Ordnet man die Mess- und Prüfgeräte in die verschiedenen Ebenen der Kalibrierhierarchie ein, stellt man fest, dass Gebrauchsnormale vorhanden sind. Hierzu gibt die DKD-4 präzise Auskunft:
"Gebrauchsnormale oder Werksnormale müssen durch ein akkreditiertes Kalibrierlaboratorium kalibriert und so auf nationale Normale rückführbar sein."

Dies ist eine eindeutige Entscheidungshilfe dafür, welche Mess- und Prüfmittel unbedingt eine DAkkS-Kalibrierung benötigen. Bei DAkkS-Kalibrierungen wird der gesamte Ablauf einer Kalibrierung bis hin zu Form und Inhalt der Kalibrierscheine vom DKD vorgeschrieben, was zu einem wesentlich höheren Aufwand bei diesen Kalibrierungen führt.

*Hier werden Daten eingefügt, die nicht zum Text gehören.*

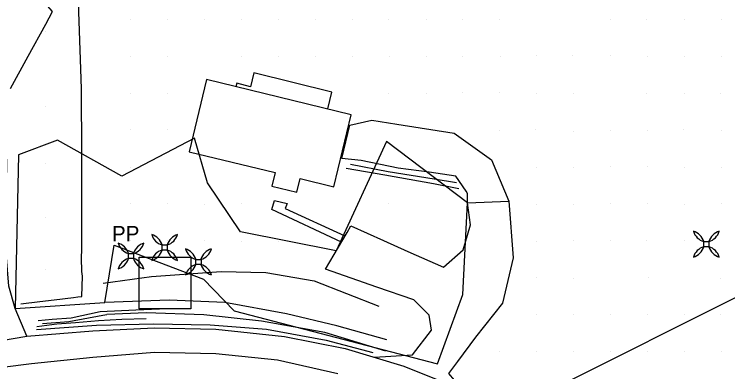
# Model space of a CAD drawing. Extents: x 1602514 to 1609837, y 863887 to 871157.
# Drawn here: x 1606621.5 to 1606911.5, y 866737.8 to 866883.1 of the extents above; entities that cross this region are included whole.
import ezdxf

# ---------------------------------------------------------------- set-up
doc = ezdxf.new("R2010")
doc.units = 0
for name, color, linetype in [('Photo-Anchor', 7, 'Continuous'), ('Survey-Buildings', 7, 'Continuous'), ('Survey-Centerline', 7, 'Continuous'), ('Survey-Edge of pavement', 7, 'Continuous'), ('Survey-Entrances', 7, 'Continuous'), ('Survey-Fences', 7, 'Continuous'), ('Survey-Flow line', 7, 'Continuous'), ('Survey-Ridge Lines', 7, 'Continuous'), ('Survey-Sidewalks', 7, 'Continuous'), ('Survey-Spot dirt', 7, 'Continuous'), ('Survey-Vegetation trees', 7, 'Continuous'), ('Text General Notes', 7, 'Continuous'), ('USER-Stair wood', 7, 'Continuous'), ('Utility-Pole', 7, 'Continuous')]:
    doc.layers.add(name, color=color, linetype=linetype)

msp = doc.modelspace()

# ---------------------------------------------------------------- linework, layer by layer
at = {"layer": 'Photo-Anchor'}
for points in [[(1606901.79, 866790.73), (1606903.89, 866790.73), (1606903.89, 866788.63), (1606901.79, 866788.63)], [(1606901.79, 866790.73), (1606903.89, 866790.73), (1606903.89, 866788.63), (1606901.79, 866788.63)], [(1606681.57, 866789.38), (1606683.67, 866789.38), (1606683.67, 866787.28), (1606681.57, 866787.28)], [(1606681.57, 866789.38), (1606683.67, 866789.38), (1606683.67, 866787.28), (1606681.57, 866787.28)], [(1606667.89, 866785.92), (1606669.99, 866785.92), (1606669.99, 866783.81), (1606667.89, 866783.81)], [(1606667.89, 866785.92), (1606669.99, 866785.92), (1606669.99, 866783.81), (1606667.89, 866783.81)], [(1606695.31, 866783.51), (1606697.41, 866783.51), (1606697.41, 866781.41), (1606695.31, 866781.41)], [(1606695.31, 866783.51), (1606697.41, 866783.51), (1606697.41, 866781.41), (1606695.31, 866781.41)]]:
    msp.add_lwpolyline(points, close=True, dxfattribs=at)
for centre, radius, start, end in [((1606675.56, 866787.58), 6.27, 16.7236, 73.2821), ((1606683.39, 866795.4), 6.29, 196.8106, 253.1951), ((1606675.56, 866787.58), 6.27, 16.7236, 73.2821), ((1606683.39, 866795.4), 6.29, 196.8106, 253.1951), ((1606689.67, 866787.58), 6.27, 106.7179, 163.2764), ((1606681.85, 866795.4), 6.29, 286.8049, 343.1894), ((1606689.67, 866787.58), 6.27, 106.7179, 163.2764), ((1606681.85, 866795.4), 6.29, 286.8049, 343.1894), ((1606895.78, 866788.93), 6.27, 16.7236, 73.2821), ((1606903.6, 866796.75), 6.29, 196.8106, 253.1951), ((1606895.78, 866788.93), 6.27, 16.7236, 73.2821), ((1606903.6, 866796.75), 6.29, 196.8106, 253.1951), ((1606909.89, 866788.93), 6.27, 106.7179, 163.2764), ((1606902.07, 866796.75), 6.29, 286.8049, 343.1894), ((1606909.89, 866788.93), 6.27, 106.7179, 163.2764), ((1606902.07, 866796.75), 6.29, 286.8049, 343.1894), ((1606661.89, 866784.11), 6.27, 16.7236, 73.2821), ((1606669.71, 866791.93), 6.29, 196.8106, 253.1951), ((1606661.89, 866784.11), 6.27, 16.7236, 73.2821), ((1606669.71, 866791.93), 6.29, 196.8106, 253.1951), ((1606676, 866784.11), 6.27, 106.7179, 163.2764), ((1606668.18, 866791.93), 6.29, 286.8049, 343.1894), ((1606676, 866784.11), 6.27, 106.7179, 163.2764), ((1606668.18, 866791.93), 6.29, 286.8049, 343.1894), ((1606675.56, 866789.08), 6.27, 286.7179, 343.2764), ((1606683.39, 866781.26), 6.29, 106.8049, 163.1894), ((1606675.56, 866789.08), 6.27, 286.7179, 343.2764), ((1606683.39, 866781.26), 6.29, 106.8049, 163.1894), ((1606689.67, 866789.08), 6.27, 196.7236, 253.2821), ((1606681.85, 866781.26), 6.29, 16.8106, 73.1951), ((1606689.67, 866789.08), 6.27, 196.7236, 253.2821), ((1606681.85, 866781.26), 6.29, 16.8106, 73.1951), ((1606689.3, 866781.71), 6.27, 16.7236, 73.2821), ((1606697.12, 866789.53), 6.29, 196.8106, 253.1951), ((1606689.3, 866781.71), 6.27, 16.7236, 73.2821), ((1606697.12, 866789.53), 6.29, 196.8106, 253.1951), ((1606703.41, 866781.71), 6.27, 106.7179, 163.2764), ((1606695.59, 866789.53), 6.29, 286.8049, 343.1894), ((1606703.41, 866781.71), 6.27, 106.7179, 163.2764), ((1606695.59, 866789.53), 6.29, 286.8049, 343.1894), ((1606895.78, 866790.43), 6.27, 286.7179, 343.2764), ((1606903.6, 866782.61), 6.29, 106.8049, 163.1894), ((1606895.78, 866790.43), 6.27, 286.7179, 343.2764), ((1606903.6, 866782.61), 6.29, 106.8049, 163.1894), ((1606909.89, 866790.43), 6.27, 196.7236, 253.2821), ((1606902.07, 866782.61), 6.29, 16.8106, 73.1951), ((1606909.89, 866790.43), 6.27, 196.7236, 253.2821), ((1606902.07, 866782.61), 6.29, 16.8106, 73.1951), ((1606661.89, 866785.62), 6.27, 286.7179, 343.2764), ((1606669.71, 866777.8), 6.29, 106.8049, 163.1894), ((1606661.89, 866785.62), 6.27, 286.7179, 343.2764), ((1606669.71, 866777.8), 6.29, 106.8049, 163.1894), ((1606676, 866785.62), 6.27, 196.7236, 253.2821), ((1606668.18, 866777.8), 6.29, 16.8106, 73.1951), ((1606676, 866785.62), 6.27, 196.7236, 253.2821), ((1606668.18, 866777.8), 6.29, 16.8106, 73.1951), ((1606689.3, 866783.22), 6.27, 286.7179, 343.2764), ((1606697.12, 866775.4), 6.29, 106.8049, 163.1894), ((1606689.3, 866783.22), 6.27, 286.7179, 343.2764), ((1606697.12, 866775.4), 6.29, 106.8049, 163.1894), ((1606703.41, 866783.22), 6.27, 196.7236, 253.2821), ((1606695.59, 866775.4), 6.29, 16.8106, 73.1951), ((1606703.41, 866783.22), 6.27, 196.7236, 253.2821), ((1606695.59, 866775.4), 6.29, 16.8106, 73.1951)]:
    msp.add_arc(centre, radius, start, end, dxfattribs=at)
at = {"layer": 'Survey-Buildings'}
msp.add_lwpolyline([(1606699.64, 866856.54), (1606692.56, 866827.23), (1606727.53, 866818.76), (1606726.21, 866813.3), (1606736.38, 866810.84), (1606737.71, 866816.3), (1606751.39, 866812.98), (1606758.47, 866842.3), (1606699.64, 866856.54)], dxfattribs=at)
msp.add_lwpolyline([(1606699.64, 866856.54), (1606692.56, 866827.23), (1606727.53, 866818.76), (1606726.21, 866813.3), (1606736.38, 866810.84), (1606737.71, 866816.3), (1606751.39, 866812.98), (1606758.47, 866842.3), (1606699.64, 866856.54)], dxfattribs=at)
at = {"layer": 'Survey-Centerline'}
msp.add_lwpolyline([(1606603.67, 866738.12), (1606628.5, 866741.23), (1606653.48, 866743.76), (1606678.46, 866745.74), (1606703.46, 866745.26), (1606728.56, 866742.65), (1606752.99, 866737.1)], dxfattribs=at)
msp.add_lwpolyline([(1606603.67, 866738.12), (1606628.5, 866741.23), (1606653.48, 866743.76), (1606678.46, 866745.74), (1606703.46, 866745.26), (1606728.56, 866742.65), (1606752.99, 866737.1)], dxfattribs=at)
at = {"layer": 'Survey-Edge of pavement'}
msp.add_lwpolyline([(1606601.99, 866748.02), (1606626.63, 866752.25), (1606653.41, 866754.39), (1606678.4, 866755.63), (1606703.4, 866755.15), (1606731.34, 866752.14), (1606755.97, 866747.29), (1606779.92, 866740.12), (1606803.24, 866730.79)], dxfattribs=at)
msp.add_lwpolyline([(1606601.99, 866748.02), (1606626.63, 866752.25), (1606653.41, 866754.39), (1606678.4, 866755.63), (1606703.4, 866755.15), (1606731.34, 866752.14), (1606755.97, 866747.29), (1606779.92, 866740.12), (1606803.24, 866730.79)], dxfattribs=at)
at = {"layer": 'Survey-Entrances'}
msp.add_line((1606805.78, 866806.43), (1606822.55, 866807.09), dxfattribs=at)
msp.add_line((1606805.78, 866806.43), (1606822.55, 866807.09), dxfattribs=at)
for points in [[(1606626.63, 866752.32), (1606621.86, 866763.53), (1606619.31, 866772.54), (1606617.76, 866790.84), (1606618.46, 866821.84), (1606617.67, 866851.25)], [(1606626.63, 866752.32), (1606621.86, 866763.53), (1606619.31, 866772.54), (1606617.76, 866790.84), (1606618.46, 866821.84), (1606617.67, 866851.25)], [(1606805.78, 866806.43), (1606805.77, 866810.2), (1606805.14, 866811.22), (1606800.95, 866817.3), (1606790.18, 866819), (1606777.56, 866820.56), (1606762.58, 866823.65), (1606754.65, 866824.48), (1606757.93, 866838.07), (1606766.86, 866840.02), (1606776.97, 866838.42), (1606800.32, 866834.72), (1606815.44, 866823.94), (1606822.55, 866807.09)], [(1606805.78, 866806.43), (1606805.77, 866810.2), (1606805.14, 866811.22), (1606800.95, 866817.3), (1606790.18, 866819), (1606777.56, 866820.56), (1606762.58, 866823.65), (1606754.65, 866824.48), (1606757.93, 866838.07), (1606766.86, 866840.02), (1606776.97, 866838.42), (1606800.32, 866834.72), (1606815.44, 866823.94), (1606822.55, 866807.09)], [(1606767.88, 866743.81), (1606783.4, 866744.74), (1606791.07, 866754.78), (1606790.16, 866760.76), (1606783.93, 866766.99), (1606768.94, 866772.18), (1606747.98, 866779.45), (1606756.78, 866794.47), (1606758.3, 866797.07), (1606771.55, 866791.16), (1606781.46, 866786.74), (1606795.98, 866780.27), (1606803.97, 866787.33), (1606805.75, 866793.39), (1606806.98, 866797.56), (1606805.78, 866806.43)], [(1606767.88, 866743.81), (1606783.4, 866744.74), (1606791.07, 866754.78), (1606790.16, 866760.76), (1606783.93, 866766.99), (1606768.94, 866772.18), (1606747.98, 866779.45), (1606756.78, 866794.47), (1606758.3, 866797.07), (1606771.55, 866791.16), (1606781.46, 866786.74), (1606795.98, 866780.27), (1606803.97, 866787.33), (1606805.75, 866793.39), (1606806.98, 866797.56), (1606805.78, 866806.43)], [(1606822.55, 866807.09), (1606824.34, 866784.08), (1606819.99, 866765.7), (1606809.01, 866751.88), (1606801.64, 866741.99), (1606798.04, 866737.08), (1606800.28, 866734.37), (1606802.41, 866731.13)], [(1606822.55, 866807.09), (1606824.34, 866784.08), (1606819.99, 866765.7), (1606809.01, 866751.88), (1606801.64, 866741.99), (1606798.04, 866737.08), (1606800.28, 866734.37), (1606802.41, 866731.13)]]:
    msp.add_lwpolyline(points, dxfattribs=at)
at = {"layer": 'Survey-Fences'}
msp.add_lwpolyline([(1606624.11, 866765.37), (1606631.94, 866766.34), (1606637.76, 866767.06), (1606645.57, 866768.03), (1606647.29, 866768.24), (1606649, 866768.34), (1606649.22, 866776.63), (1606648.99, 866778.52), (1606648.79, 866784.13), (1606648.91, 866787.53), (1606648.95, 866790.39), (1606648.97, 866819.01), (1606648.96, 866826.12), (1606648.8, 866852.79), (1606648.57, 866860.75), (1606647.22, 866899.84)], dxfattribs=at)
msp.add_lwpolyline([(1606624.11, 866765.37), (1606631.94, 866766.34), (1606637.76, 866767.06), (1606645.57, 866768.03), (1606647.29, 866768.24), (1606649, 866768.34), (1606649.22, 866776.63), (1606648.99, 866778.52), (1606648.79, 866784.13), (1606648.91, 866787.53), (1606648.95, 866790.39), (1606648.97, 866819.01), (1606648.96, 866826.12), (1606648.8, 866852.79), (1606648.57, 866860.75), (1606647.22, 866899.84)], dxfattribs=at)
at = {"layer": 'Survey-Flow line'}
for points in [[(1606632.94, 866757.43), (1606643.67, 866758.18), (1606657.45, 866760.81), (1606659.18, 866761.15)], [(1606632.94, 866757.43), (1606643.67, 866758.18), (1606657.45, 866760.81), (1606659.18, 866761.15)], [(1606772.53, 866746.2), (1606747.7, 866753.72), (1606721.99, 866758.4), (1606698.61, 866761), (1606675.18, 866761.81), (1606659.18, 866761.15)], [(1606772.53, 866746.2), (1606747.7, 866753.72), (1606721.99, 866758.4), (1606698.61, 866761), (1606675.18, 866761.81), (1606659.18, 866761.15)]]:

Für die Erstellung von Werkskalibrierscheinen gibt es nicht für alle Parameter Vorgaben und somit liegen diese im Ermessensbereich des Kalibrierlaboratoriums. Bei Werkskalibrierscheinen muss daher unbedingt darauf geachtet werden, dass sowohl die Messunsicherheit, als auch die Anteile, die zur Messunsicherheit führen, ausgewiesen sind und die Rückführbarkeit belegt ist.

Kalibrierungen ohne Angabe der Messunsicherheit sind wertlos. Ob Werks- oder DAkkS-Kalibrierungen notwendig sind, entscheidet somit die Kalibrierhierarchie, die für den Betrieb angelegt wurde.